Dodging Armageddon, the Third World War That Almost Was, 1950 (2000) [pdf] - PLenz
https://www.nsa.gov/public_info/_files/cryptologic_quarterly/Dodging_Armageddon.pdf
======
PhasmaFelis
> _" With the comfort and hindsight of a half-century, President Harry
> Truman's decision to commit American power to save South Korea from
> Communist aggression in late June 1950 stands as perhaps America's finest
> moment of the Cold War. [...] By dispatching the 24th Infantry and 1st
> Cavalry Divisions from comfortable occupation duty in Japan to death and
> destruction in Korea in mid-summer 1950, the United States actually did
> nothing less than save the world from a global conflagration."_

I spent two-thirds of the article waiting to find out how, exactly, the Korean
War prevented Armageddon. TL;DR: A squabble between Communist states was
looking likely to come to open war, and my countrymen planned to respond by
nuking the Soviets and starting World War III for some fucking reason.

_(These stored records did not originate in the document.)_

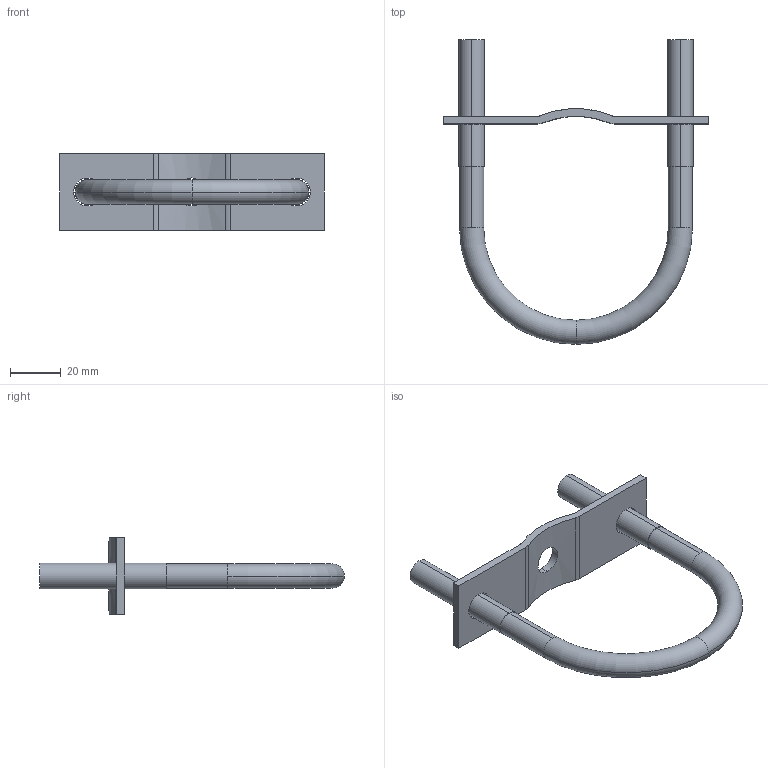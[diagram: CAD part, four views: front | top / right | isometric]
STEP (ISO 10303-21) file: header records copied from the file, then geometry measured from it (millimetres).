
FILE_DESCRIPTION((''),'2;1');
FILE_NAME('2014612200_ASM','2017-05-12T',('Administrator'),(''),'PRO/ENGINEER BY PARAMETRIC TECHNOLOGY CORPORATION, 2009360','PRO/ENGINEER BY PARAMETRIC TECHNOLOGY CORPORATION, 2009360','');
FILE_SCHEMA(('AUTOMOTIVE_DESIGN_CC2 { 1 2 10303 214 -1 1 5 2 }'));
Length unit declared in the file: millimetre
Products named in the file (3): MANIFOLD_SOLID_BREP_145; MANIFOLD_SOLID_BREP_146; 2014612200_ASM
Assembly tree (2 placements, depth 2):
  2014612200_ASM
    MANIFOLD_SOLID_BREP_145
    MANIFOLD_SOLID_BREP_146
Bounding box: 104 x 119.75 x 30 mm (x, y, z)
Volume: 28961.6 mm3; surface area: 15428 mm2
Topology: 2 solids, 2 shells, 36 faces, 89 edges, 59 vertices
Faces by surface type: cylinder 20, plane 12, torus 4
Entity records: 1516 total; most frequent: CARTESIAN_POINT 257, DIRECTION 214, ORIENTED_EDGE 178, PRESENTATION_STYLE_ASSIGNMENT 91, STYLED_ITEM 91, CURVE_STYLE 89, EDGE_CURVE 89, AXIS2_PLACEMENT_3D 88

Fortunately, our strong defense of South Korea convinced Stalin that we
actually _were_ crazy enough to start WW3 over Yugoslavia, so he backed down.

Further TL;DR: Fifty thousand red-blooded American soldiers nobly laid down
their lives to protect the world from the psychopathic nuclear aggression
of...America. This was clearly one of America's finest moments.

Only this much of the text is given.